American Episcopal bishop (1886–1958)

Karl Morgan Block (September 27, 1886 – September 20, 1958) was the fourth bishop of the Episcopal Diocese of California.

==Early life and education==
Block was born on September 27, 1886, in Washington, D.C., the son of Sigismund Joseph Block and Joanna Christine Linder. He earned a Bachelor of Arts from George Washington University in 1907, and later a Bachelor of Divinity from the Virginia Theological Seminary in 1910. He was awarded a number of honorary degrees; a Doctor of Divinity from Roanoke College in 1923, the University of the South in 1935, and the Virginia Theological Seminary in 1950, respectively; a Doctor of Laws from George Washington University in 1937; and a Doctor of Systematic Theology from the University of the Pacific in 1953.

==Ordained ministry==
Ordained a deacon on May 22, 1910, and priest on December 18, 1910, by Bishop Alfred Harding of Washington, he initially served as chaplain at Woodberry Forest School between 1910 and 1913. Then in 1913 he accepted the post of rector of Grace Church in Haddonfield, New Jersey, where he remained until 1917. Between 1917 until 1918 he was a volunteer chaplain at Fort Dix. In 1918, he became rector of All Saints’ Church in Norristown, Pennsylvania, while in 1920 he moved to Roanoke, Virginia, to be rector of St John’s Church. In 1926, he became rector of the Church of St Michael and St George in St.
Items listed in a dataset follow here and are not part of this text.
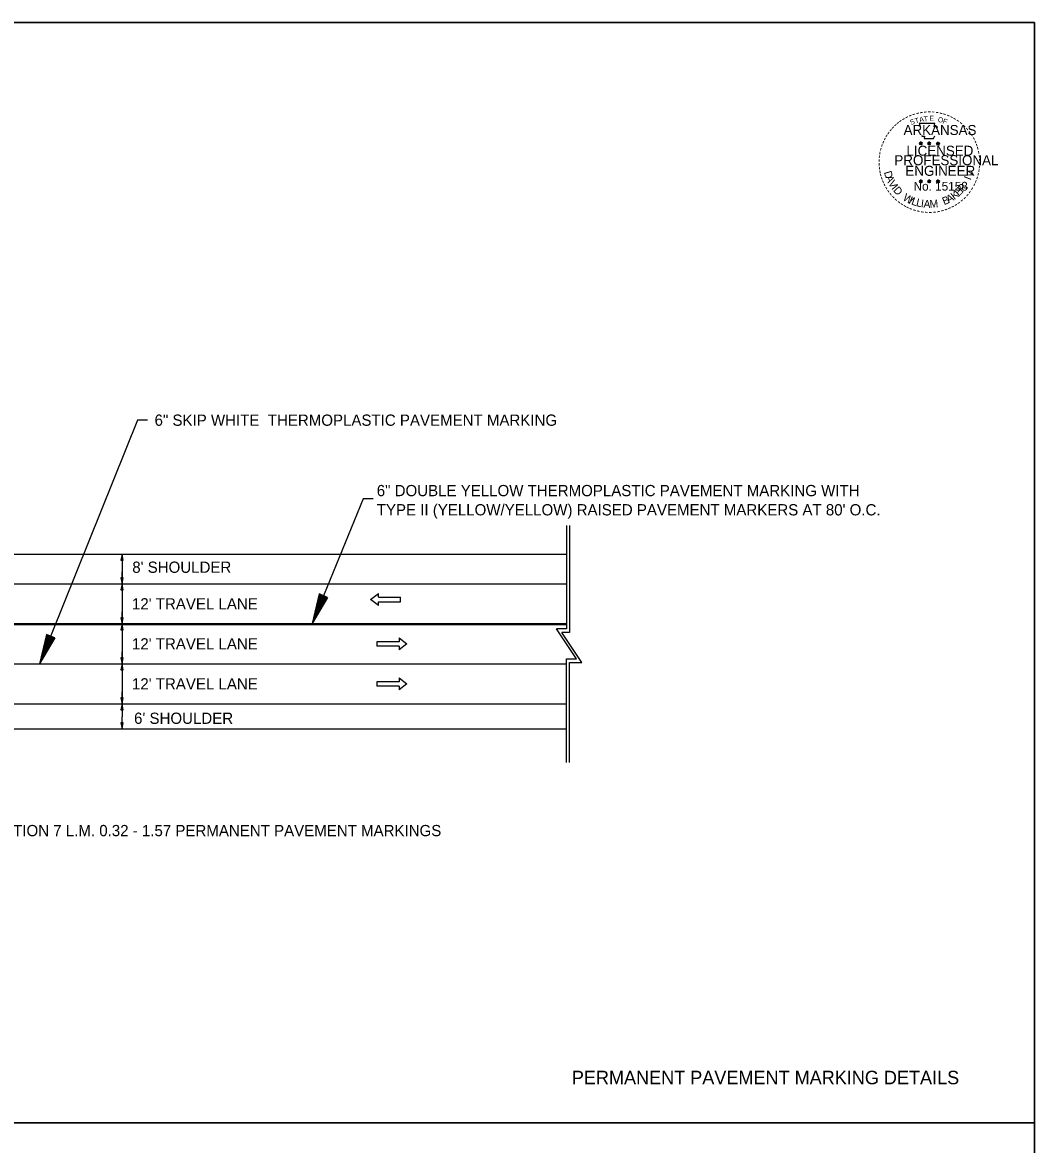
# Model space of a CAD drawing. Extents: x 1373096 to 1373266, y 381130 to 381790.
# Drawn here: x 1373164.8 to 1373266, y 381568 to 381680.2 of the extents above; entities that cross this region are included whole.
import ezdxf

# ---------------------------------------------------------------- set-up
doc = ezdxf.new("R2010")
doc.units = 0
for name, color, linetype in [('Default', 7, 'Continuous'), ('DSN_DRFT_Junk-No-Plot', 7, 'Continuous'), ('R_Border Notes', 7, 'Continuous'), ('R_Border PE', 7, 'Continuous'), ('R_Draft', 7, 'Continuous')]:
    doc.layers.add(name, color=color, linetype=linetype)

msp = doc.modelspace()

# ---------------------------------------------------------------- linework, layer by layer
at = {"layer": 'Default'}
for p, q in [((1373176.29, 381640.41), (1373166.5, 381616.04)), ((1373177.29, 381640.41), (1373176.29, 381640.41)), ((1373198.85, 381632.56), (1373193.75, 381620.09)), ((1373199.85, 381632.56), (1373198.85, 381632.56)), ((1373219.17, 381629.87), (1373219.17, 381619.54)), ((1373219.5, 381629.87), (1373219.5, 381619.2)), ((1373194.46, 381623.04), (1373193.75, 381620.09)), ((1373195.29, 381622.7), (1373193.75, 381620.09)), ((1373194.53, 381623.01), (1373193.94, 381620.55)), ((1373195.22, 381622.73), (1373193.94, 381620.55)), ((1373194.6, 381622.98), (1373194.13, 381621.03)), ((1373195.15, 381622.76), (1373194.13, 381621.03)), ((1373194.67, 381622.96), (1373194.32, 381621.5)), ((1373195.08, 381622.79), (1373194.32, 381621.5)), ((1373195.29, 381622.7), (1373194.46, 381623.04)), ((1373194.74, 381622.93), (1373194.51, 381621.97)), ((1373195.01, 381622.82), (1373194.51, 381621.97)), ((1373194.81, 381622.9), (1373194.7, 381622.43)), ((1373194.94, 381622.85), (1373194.7, 381622.43)), ((1373199.6, 381622.49), (1373200.38, 381623.09)), ((1373200.38, 381621.89), (1373199.6, 381622.49)), ((1373200.38, 381622.71), (1373200.38, 381623.09)), ((1373200.38, 381622.71), (1373202.58, 381622.71)), ((1373202.58, 381622.26), (1373202.58, 381622.71)), ((1373200.38, 381622.26), (1373202.58, 381622.26)), ((1373200.38, 381621.89), (1373200.38, 381622.26)), ((1373219.17, 381619.54), (1373218.17, 381619.54)), ((1373220.17, 381616.54), (1373218.17, 381619.54)), ((1373220.72, 381616.2), (1373218.72, 381619.2)), ((1373219.5, 381619.2), (1373218.72, 381619.2)), ((1373167.2, 381618.99), (1373166.5, 381616.04)), ((1373168.04, 381618.65), (1373166.5, 381616.04)), ((1373167.27, 381618.96), (1373166.69, 381616.5)), ((1373167.97, 381618.68), (1373166.69, 381616.5)), ((1373167.34, 381618.93), (1373166.88, 381616.98)), ((1373167.9, 381618.71), (1373166.88, 381616.98)), ((1373167.41, 381618.9), (1373167.07, 381617.44)), ((1373167.83, 381618.74), (1373167.07, 381617.44)), ((1373168.04, 381618.65), (1373167.2, 381618.99)), ((1373167.48, 381618.88), (1373167.26, 381617.92)), ((1373167.75, 381618.77), (1373167.26, 381617.92)), ((1373167.55, 381618.85), (1373167.44, 381618.38)), ((1373167.68, 381618.79), (1373167.44, 381618.38)), ((1373202.45, 381618.26), (1373200.24, 381618.26)), ((1373200.24, 381618.26), (1373200.24, 381617.81)), ((1373202.45, 381618.64), (1373202.45, 381618.26)), ((1373202.45, 381618.64), (1373203.23, 381618.04)), ((1373203.23, 381618.04), (1373202.45, 381617.44)), ((1373202.45, 381617.81), (1373200.24, 381617.81)), ((1373202.45, 381617.81), (1373202.45, 381617.44)), ((1373219.17, 381606.2), (1373219.17, 381616.54)), ((1373219.17, 381616.54), (1373220.17, 381616.54)), ((1373219.5, 381606.2), (1373219.5, 381616.2)), ((1373219.5, 381616.2), (1373220.72, 381616.2)), ((1373202.45, 381614.64), (1373202.45, 381614.26)), ((1373202.45, 381614.64), (1373203.23, 381614.04)), ((1373202.45, 381614.26), (1373200.24, 381614.26)), ((1373200.24, 381614.26), (1373200.24, 381613.81)), ((1373202.45, 381613.81), (1373200.24, 381613.81)), ((1373203.23, 381614.04), (1373202.45, 381613.44)), ((1373202.45, 381613.81), (1373202.45, 381613.44))]:
    msp.add_line(p, q, dxfattribs=at)
for points in [[(1373095.97, 381680.17), (1373095.97, 381570.17), (1373265.97, 381570.17), (1373265.97, 381680.17)], [(1373095.97, 381680.17), (1373095.97, 381570.17), (1373265.97, 381570.17), (1373265.97, 381680.17)], [(1373095.97, 381570.17), (1373095.97, 381460.17), (1373265.97, 381460.17), (1373265.97, 381570.17)]]:
    msp.add_lwpolyline(points, close=True, dxfattribs=at)
at = {"layer": 'DSN_DRFT_Junk-No-Plot'}
msp.add_line((1373174.76, 381625.81), (1373174.76, 381610.74), dxfattribs=at)
for points in [[(1373095.97, 381680.17), (1373265.97, 381680.17), (1373265.97, 381570.17), (1373095.97, 381570.17)], [(1373095.97, 381680.17), (1373095.97, 381570.17), (1373265.97, 381570.17), (1373265.97, 381680.17)], [(1373095.97, 381570.17), (1373265.97, 381570.17), (1373265.97, 381460.17), (1373095.97, 381460.17)], [(1373095.97, 381570.17), (1373095.97, 381460.17), (1373265.97, 381460.17), (1373265.97, 381570.17)]]:
    msp.add_lwpolyline(points, close=True, dxfattribs=at)
for points in [[(1373174.76, 381627.01), (1373174.64, 381626.41), (1373174.88, 381626.41), (1373174.76, 381627.01), (1373174.76, 381625.81)], [(1373174.76, 381624.04), (1373174.88, 381624.64), (1373174.64, 381624.64), (1373174.76, 381624.04), (1373174.76, 381625.24)], [(1373174.76, 381624.04), (1373174.88, 381624.64), (1373174.64, 381624.64), (1373174.76, 381624.04), (1373174.76, 381625.24)], [(1373174.76, 381624.04), (1373174.64, 381623.44), (1373174.88, 381623.44), (1373174.76, 381624.04), (1373174.76, 381622.84)], [(1373174.76, 381620.04), (1373174.88, 381620.64), (1373174.64, 381620.64), (1373174.76, 381620.04), (1373174.76, 381621.24)], [(1373174.76, 381620.04), (1373174.64, 381619.44), (1373174.88, 381619.44), (1373174.76, 381620.04), (1373174.76, 381618.84)], [(1373174.76, 381616.04), (1373174.88, 381616.64), (1373174.64, 381616.64), (1373174.76, 381616.04), (1373174.76, 381617.24)], [(1373174.76, 381616.04), (1373174.64, 381615.44), (1373174.88, 381615.44), (1373174.76, 381616.04), (1373174.76, 381614.84)], [(1373174.76, 381612.04), (1373174.88, 381612.64), (1373174.64, 381612.64), (1373174.76, 381612.04), (1373174.76, 381613.24)], [(1373174.76, 381612.04), (1373174.64, 381611.44), (1373174.88, 381611.44), (1373174.76, 381612.04), (1373174.76, 381610.84)], [(1373174.76, 381609.54), (1373174.88, 381610.14), (1373174.64, 381610.14), (1373174.76, 381609.54), (1373174.76, 381610.74)]]:
    msp.add_lwpolyline(points, dxfattribs=at)
at = {"layer": 'R_Border PE'}
for p, q in [((1373254.43, 381668.13), (1373254.6, 381668.07)), ((1373254.43, 381668.13), (1373254.56, 381668.11)), ((1373254.43, 381668.13), (1373254.55, 381668.07)), ((1373254.5, 381667.93), (1373254.6, 381668.07)), ((1373254.5, 381667.93), (1373254.56, 381668.05)), ((1373254.5, 381667.93), (1373254.6, 381668.03)), ((1373254.6, 381668.26), (1373254.58, 381668.13)), ((1373254.6, 381668.07), (1373254.6, 381668.26)), ((1373254.6, 381668.26), (1373254.63, 381668.13)), ((1373254.78, 381668.13), (1373254.6, 381668.07)), ((1373254.71, 381667.93), (1373254.6, 381668.07)), ((1373254.71, 381667.93), (1373254.6, 381668.03)), ((1373254.78, 381668.13), (1373254.63, 381668.11)), ((1373254.71, 381667.93), (1373254.64, 381668.07)), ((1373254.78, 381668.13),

Louis, a post he retained until 1938.

==Episcopacy==
Block was elected Coadjutor Bishop of Kansas, however, he declined the election. On April 19, 1938, he was once more elected bishop, this time as Coadjutor Bishop of California and he accepted. He was consecrated as coadjutor bishop of California by Edward L. Parsons as primary consecrator and co-consecrated by Benjamin D. Dagwell on September 29, 1938, in Grace Cathedral, San Francisco. He succeeded as diocesan on January 1, 1941. During his tenure the diocese experienced an increase in clergy, increased income, and novel building projects. Block died in office on September 20, 1958.